Nobody would say exactly how much Smithsonian consultants are being paid, the Washington Post reports, but actor Mel Gibson is earning $25 million to star in the movie, “The Patriot.”

As museums throughout the U.S. seek new ways to attract revenue, the Smithsonian’s action is being closely monitored.

“The opportunities are encouraging on both sides,” says Alberta Arthurs, a consultant on cultural issues and former director of arts and humanities at the Rockefeller Foundation. “But the nexus of interest has to be handled carefully.”

Patricia Williams, vice president of the American Association of Museums, says should develop guidelines for partnerships.

“You have to watch out for your integrity by being very candid about what your boundaries are,” she says.

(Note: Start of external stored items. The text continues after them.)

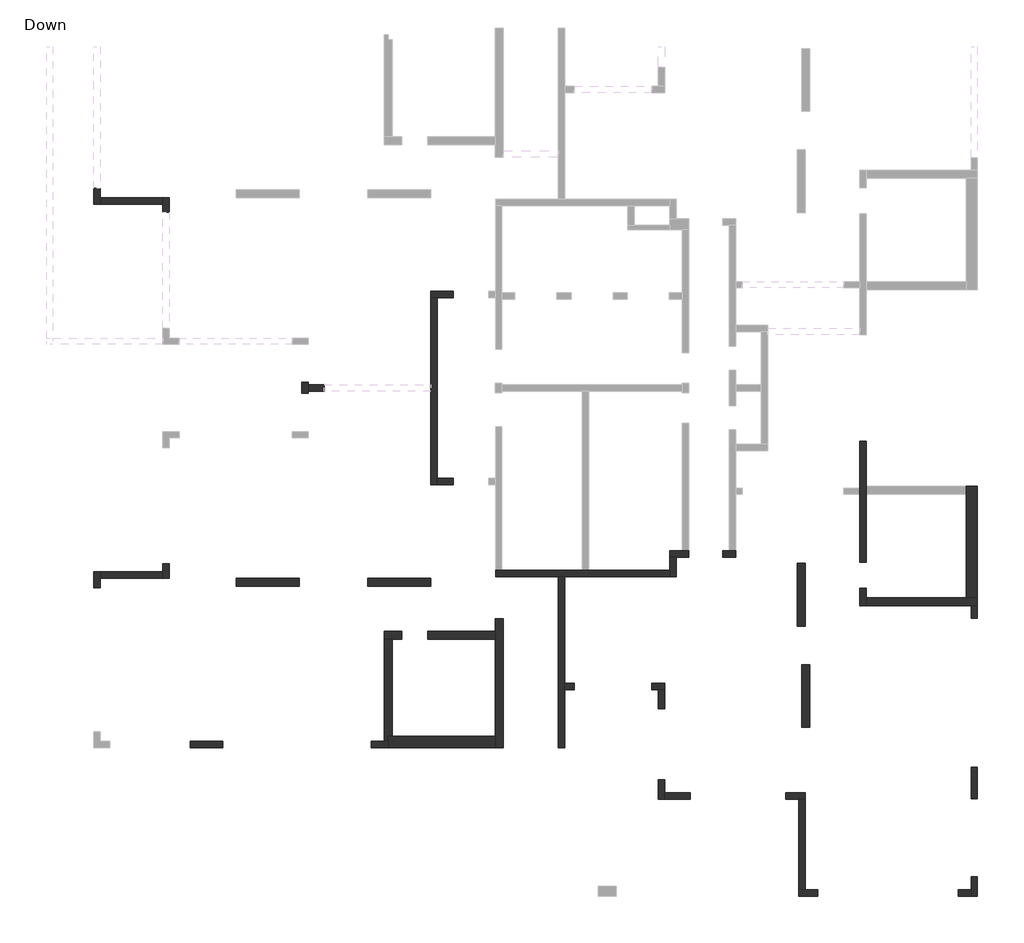
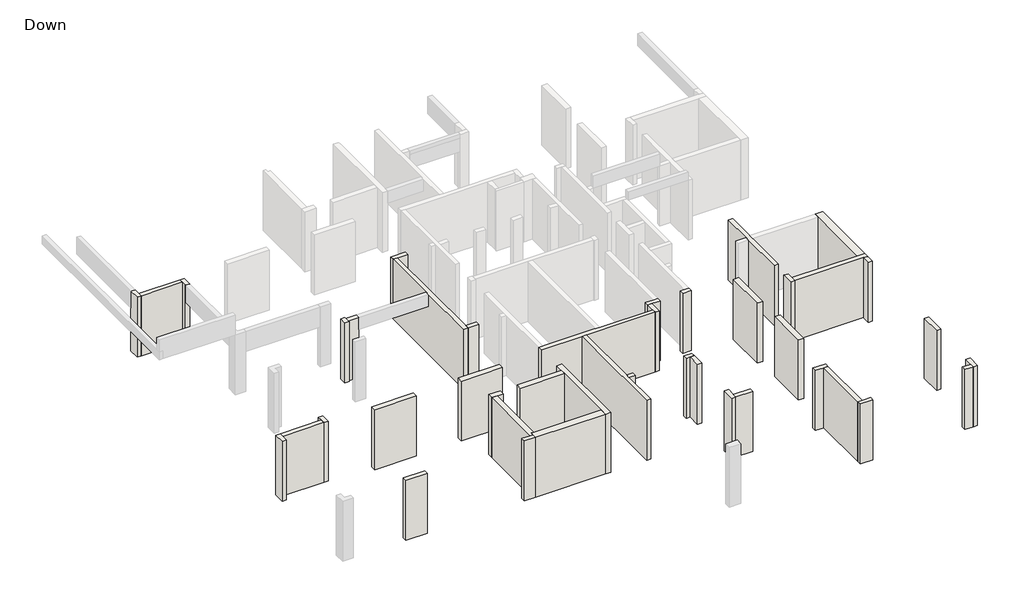
# One storey, part 1 of 3: 43 walls.
"""IFC4 building model written with IfcOpenShell, lengths in millimetres."""

from ifc_helpers import new_model, si_unit, origin, place, context, project, spatial, faceted_brep, element, save

model = new_model("IFC4")

# Units and contexts
model_context = context("Model", 3, world=origin())
ifc_project = project(units=[si_unit("LENGTHUNIT", "METRE", prefix="MILLI")], contexts=[model_context])

# Site, building, storey
site = spatial("IfcSite", under=ifc_project)
building = spatial("IfcBuilding", under=site)
storey = spatial("IfcBuildingStorey", under=building, Name="Down", Elevation=0.0)

# Walls
placement = place(None, origin())
element("IfcWall", 1, ObjectType="20", at=placement, inside=storey, context=model_context, shape_type="Brep", body=[
    faceted_brep([(-9805.5395337, 8939.7491377, 0.0), (-9805.5395337, 9386.8536298, 0.0), (-9805.5395337, 9386.8536298, 2820.0), (-9805.5395337, 9386.8536298, 3000.0), (-9805.5395337, 8939.7491377, 3000.0), (-9805.5395337, 8939.7491377, 2150.0), (-10005.5395337, 8939.7491377, 0.0), (-10005.5395337, 8939.7491377, 2150.0), (-10005.5395337, 8939.7491377, 3000.0), (-10005.5395337, 9186.8536298, 3000.0), (-10005.5395337, 9386.8536298, 3000.0), (-10005.5395337, 9386.8536298, 0.0), (-10005.5395337, 9186.8536298, 0.0)], [[[0, 1, 2, 3, 4, 5]], [[6, 7, 8, 9, 10, 11, 12]], [[1, 0, 6, 12, 11]], [[4, 3, 10, 9, 8]], [[0, 5, 4, 8, 7, 6]], [[3, 2, 1, 11, 10]]]),
])
element("IfcWall", 2, ObjectType="20", at=placement, inside=storey, context=model_context, shape_type="Brep", body=[
    faceted_brep([(-10005.5395337, 9386.8536298, 0.0), (-11954.2455884, 9386.8536298, 0.0), (-11954.2455884, 9386.8536298, 2820.0), (-11954.2455884, 9386.8536298, 3000.0), (-10005.5395337, 9386.8536298, 3000.0), (-10005.5395337, 9186.8536298, 0.0), (-10005.5395337, 9186.8536298, 2750.0), (-10005.5395337, 9186.8536298, 3000.0), (-11954.2455884, 9186.8536298, 3000.0), (-11954.2455884, 9186.8536298, 0.0)], [[[0, 1, 2, 3, 4]], [[5, 6, 7, 8, 9]], [[1, 0, 5, 9]], [[4, 3, 8, 7]], [[0, 4, 7, 6, 5]], [[3, 2, 1, 9, 8]]]),
])
element("IfcWall", 3, ObjectType="20", at=placement, inside=storey, context=model_context, shape_type="Brep", body=[
    faceted_brep([(-11954.2455884, 9186.8536298, 0.0), (-11954.2455884, 9386.8536298, 0.0), (-11954.2455884, 9686.3702314, 0.0), (-11954.2455884, 9686.3702314, 2150.0), (-11954.2455884, 9686.3702314, 3000.0), (-11954.2455884, 9386.8536298, 3000.0), (-11954.2455884, 9186.8536298, 3000.0), (-12154.2455884, 9186.8536298, 0.0), (-12154.2455884, 9186.8536298, 2750.0), (-12154.2455884, 9186.8536298, 3000.0), (-12154.2455884, 9686.3702314, 3000.0), (-12154.2455884, 9686.3702314, 2150.0), (-12154.2455884, 9686.3702314, 0.0)], [[[0, 1, 2, 3, 4, 5, 6]], [[7, 8, 9, 10, 11, 12]], [[2, 1, 0, 7, 12]], [[4, 3, 2, 12, 11, 10]], [[6, 5, 4, 10, 9]], [[0, 6, 9, 8, 7]]]),
])
element("IfcWall", 4, ObjectType="20", at=placement, inside=storey, context=model_context, shape_type="Brep", body=[
    faceted_brep([(-1004.8486157, 6491.5264814, 0.0), (-1704.8486157, 6491.5264814, 0.0), (-1704.8486157, 6491.5264814, 2820.0), (-1704.8486157, 6491.5264814, 3000.0), (-1004.8486157, 6491.5264814, 3000.0), (-1004.8486157, 6491.5264814, 2820.0), (-1004.8486157, 6291.5264814, 0.0), (-1004.8486157, 6291.5264814, 2820.0), (-1004.8486157, 6291.5264814, 3000.0), (-1504.8486157, 6291.5264814, 3000.0), (-1704.8486157, 6291.5264814, 3000.0), (-1704.8486157, 6291.5264814, 0.0), (-1504.8486157, 6291.5264814, 0.0)], [[[0, 1, 2, 3, 4, 5]], [[6, 7, 8, 9, 10, 11, 12]], [[1, 0, 6, 12, 11]], [[4, 3, 10, 9, 8]], [[0, 5, 4, 8, 7, 6]], [[3, 2, 1, 11, 10]]]),
])
element("IfcWall", 5, ObjectType="20", at=placement, inside=storey, context=model_context, shape_type="Brep", body=[
    faceted_brep([(-1704.8486157, 6291.5264814, 0.0), (-1704.8486157, 491.1895673, 0.0), (-1704.8486157, 491.1895673, 2820.0), (-1704.8486157, 491.1895673, 3000.0), (-1704.8486157, 3390.0103681, 3000.0), (-1704.8486157, 3590.0103681, 3000.0), (-1704.8486157, 6291.5264814, 3000.0), (-1504.8486157, 6291.5264814, 0.0), (-1504.8486157, 6291.5264814, 2820.0), (-1504.8486157, 6291.5264814, 3000.0), (-1504.8486157, 691.1895673, 3000.0), (-1504.8486157, 491.1895673, 3000.0), (-1504.8486157, 491.1895673, 0.0), (-1504.8486157, 691.1895673, 0.0)], [[[0, 1, 2, 3, 4, 5, 6]], [[7, 8, 9, 10, 11, 12, 13]], [[1, 0, 7, 13, 12]], [[6, 5, 4, 3, 11, 10, 9]], [[0, 6, 9, 8, 7]], [[3, 2, 1, 12, 11]]]),
])
element("IfcWall", 6, ObjectType="20", at=placement, inside=storey, context=model_context, shape_type="Brep", body=[
    faceted_brep([(-1504.8486157, 491.1895673, 0.0), (-999.8486157, 491.1895673, 0.0), (-999.8486157, 491.1895673, 2820.0), (-999.8486157, 491.1895673, 3000.0), (-1504.8486157, 491.1895673, 3000.0), (-1504.8486157, 691.1895673, 0.0), (-1504.8486157, 691.1895673, 2820.0), (-1504.8486157, 691.1895673, 3000.0), (-999.8486157, 691.1895673, 3000.0), (-999.8486157, 691.1895673, 2820.0), (-999.8486157, 691.1895673, 0.0), (-999.8486157, 688.4942548, 3000.0)], [[[0, 1, 2, 3, 4]], [[5, 6, 7, 8, 9, 10]], [[1, 0, 5, 10]], [[3, 2, 1, 10, 9, 8, 11]], [[4, 3, 11, 8, 7]], [[0, 4, 7, 6, 5]]]),
])
element("IfcWall", 7, ObjectType="20", at=placement, inside=storey, context=model_context, shape_type="Brep", body=[
    faceted_brep([(-5499.4457837, 3320.5572431, 0.0), (-5499.4457837, 3390.0103681, 0.0), (-5499.4457837, 3590.0103681, 0.0), (-5499.4457837, 3661.3116377, 0.0), (-5499.4457837, 3661.3116377, 3000.0), (-5499.4457837, 3590.0103681, 3000.0), (-5499.4457837, 3390.0103681, 3000.0), (-5499.4457837, 3320.5572431, 3000.0), (-5699.4457837, 3320.5572431, 0.0), (-5699.4457837, 3320.5572431, 3000.0), (-5699.4457837, 3661.3116377, 3000.0), (-5699.4457837, 3661.3116377, 0.0)], [[[0, 1, 2, 3, 4, 5, 6, 7]], [[8, 9, 10, 11]], [[3, 2, 1, 0, 8, 11]], [[4, 3, 11, 10]], [[7, 6, 5, 4, 10, 9]], [[0, 7, 9, 8]]]),
])
element("IfcWall", 8, ObjectType="20", at=placement, inside=storey, context=model_context, shape_type="Brep", body=[
    faceted_brep([(-5004.9145337, 3590.0103681, 0.0), (-5499.4457837, 3590.0103681, 0.0), (-5499.4457837, 3590.0103681, 2820.0), (-5499.4457837, 3590.0103681, 3000.0), (-5004.9145337, 3590.0103681, 3000.0), (-5004.9145337, 3590.0103681, 2400.0), (-5004.9145337, 3390.0103681, 0.0), (-5004.9145337, 3390.0103681, 2400.0), (-5004.9145337, 3390.0103681, 3000.0), (-5499.4457837, 3390.0103681, 3000.0), (-5499.4457837, 3390.0103681, 2820.0), (-5499.4457837, 3390.0103681, 0.0)], [[[0, 1, 2, 3, 4, 5]], [[6, 7, 8, 9, 10, 11]], [[1, 0, 6, 11]], [[4, 3, 9, 8]], [[0, 5, 4, 8, 7, 6]], [[3, 2, 1, 11, 10, 9]]]),
])
element("IfcWall", 9, ObjectType="20", at=placement, inside=storey, context=model_context, shape_type="Brep", body=[
    faceted_brep([(-10005.5395337, -1959.7284014, 0.0), (-10005.5395337, -2206.8328936, 0.0), (-10005.5395337, -2406.8328936, 0.0), (-10005.5395337, -2406.8328936, 3000.0), (-10005.5395337, -2206.8328936, 3000.0), (-10005.5395337, -1959.7284014, 3000.0), (-10005.5395337, -1959.7284014, 2150.0), (-9805.5395337, -1959.7284014, 0.0), (-9805.5395337, -1959.7284014, 2150.0), (-9805.5395337, -1959.7284014, 3000.0), (-9805.5395337, -2406.8328936, 3000.0), (-9805.5395337, -2406.8328936, 2820.0), (-9805.5395337, -2406.8328936, 0.0)], [[[0, 1, 2, 3, 4, 5, 6]], [[7, 8, 9, 10, 11, 12]], [[2, 1, 0, 7, 12]], [[5, 4, 3, 10, 9]], [[0, 6, 5, 9, 8, 7]], [[3, 2, 12, 11, 10]]]),
])
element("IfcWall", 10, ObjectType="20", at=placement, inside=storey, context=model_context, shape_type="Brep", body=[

Peter Bart, editor of the entertainment newspaper Variety, says the partnership between the Smithsonian and the moviemakers seems to be mutually beneficial.

“It seems to me that if there is a way for nonprofit institutions to pick up some funding by cooperating in a benign way, it makes sense,” Bart told the Post.

The museum’s role, coordinated by Smithsonian Entertainment, a two-member department that previously had worked only on documentaries and exhibition videos, has been to help the Hollywood team keep the movie as historically accurate as possible.

Gibson’s character is based on the life of Gen. Francis Marion, the legendary South Carolina revolutionary war hero known as the “Swamp Fox.”

The Hollywood team also includes director Roland Emmerich and producer Dean Devlin, known for their hit “Independence Day.” The script was written by Robert Rodat, an Oscar nominee last year for “Saving Private Ryan,” and the editor is David Brenner, an Oscar winner for “Born on the Fourth of July.”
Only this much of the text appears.